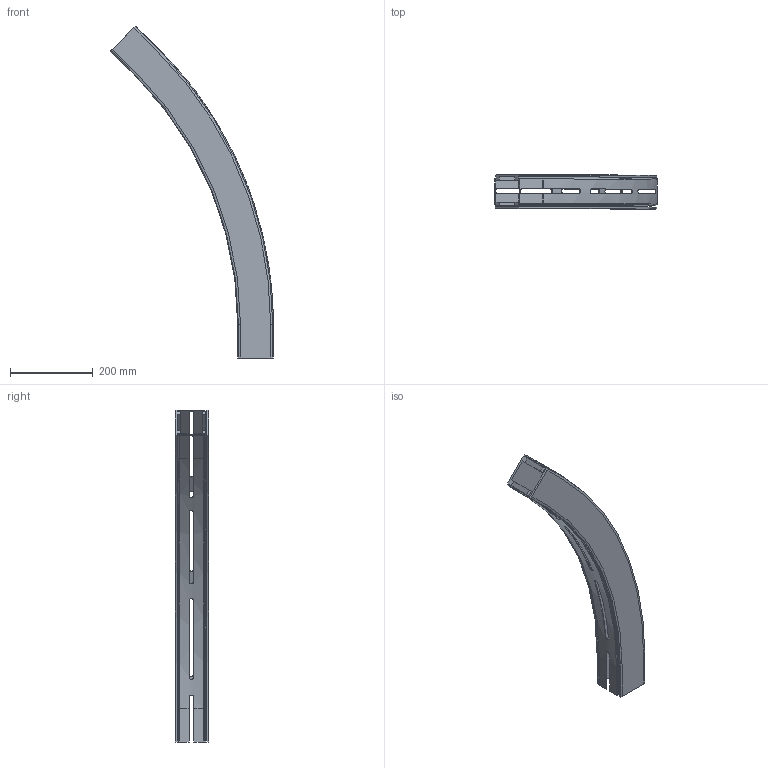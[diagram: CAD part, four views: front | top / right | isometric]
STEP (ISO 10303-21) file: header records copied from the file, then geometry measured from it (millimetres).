
FILE_DESCRIPTION(/* description */ ('GLIDKURVA SERIE 530'),/* implementation_level */ '2;1');
FILE_NAME(/* name */ '530-5375+830-2000-01.stp',/* time_stamp */ '2022-09-20T15:57:29+02:00',/* author */ ('Mathias.Dore'),/* organization */ ('CARRYLINE'),/* preprocessor_version */ 'ST-DEVELOPER v19.2',/* originating_system */ 'Autodesk Inventor 2023',/* authorisation */ '');
FILE_SCHEMA (('AUTOMOTIVE_DESIGN { 1 0 10303 214 3 1 1 }'));
Length unit declared in the file: millimetre
Products named in the file (1): 530-5375+830-2000-01
Bounding box: 393.58 x 82 x 803.37 mm (x, y, z)
Volume: 1254489.2 mm3; surface area: 599891.7 mm2
Topology: 2 solids, 2 shells, 179 faces, 506 edges, 332 vertices
Faces by surface type: plane 115, cylinder 30, bspline 26, torus 4, cone 4
Entity records: 6541 total; most frequent: CARTESIAN_POINT 1864, ORIENTED_EDGE 1012, DIRECTION 862, EDGE_CURVE 506, LINE 354, VECTOR 354, VERTEX_POINT 332, AXIS2_PLACEMENT_3D 254

* * * *

**Task item:** Give the entries again without a single change, but with no pictures.

**Exercise answer:**
[diagram: CAD part, four views: front | top / right | isometric]
STEP (ISO 10303-21) file: header records copied from the file, then geometry measured from it (millimetres).
FILE_DESCRIPTION(/* description */ ('GLIDKURVA SERIE 530'),/* implementation_level */ '2;1');
FILE_NAME(/* name */ '530-5375+830-2000-01.stp',/* time_stamp */ '2022-09-20T15:57:29+02:00',/* author */ ('Mathias.Dore'),/* organization */ ('CARRYLINE'),/* preprocessor_version */ 'ST-DEVELOPER v19.2',/* originating_system */ 'Autodesk Inventor 2023',/* authorisation */ '');
FILE_SCHEMA (('AUTOMOTIVE_DESIGN { 1 0 10303 214 3 1 1 }'));
Length unit declared in the file: millimetre
Products named in the file (1): 530-5375+830-2000-01
Bounding box: 393.58 x 82 x 803.37 mm (x, y, z)
Volume: 1254489.2 mm3; surface area: 599891.7 mm2
Topology: 2 solids, 2 shells, 179 faces, 506 edges, 332 vertices
Faces by surface type: plane 115, cylinder 30, bspline 26, torus 4, cone 4
Entity records: 6541 total; most frequent: CARTESIAN_POINT 1864, ORIENTED_EDGE 1012, DIRECTION 862, EDGE_CURVE 506, LINE 354, VECTOR 354, VERTEX_POINT 332, AXIS2_PLACEMENT_3D 254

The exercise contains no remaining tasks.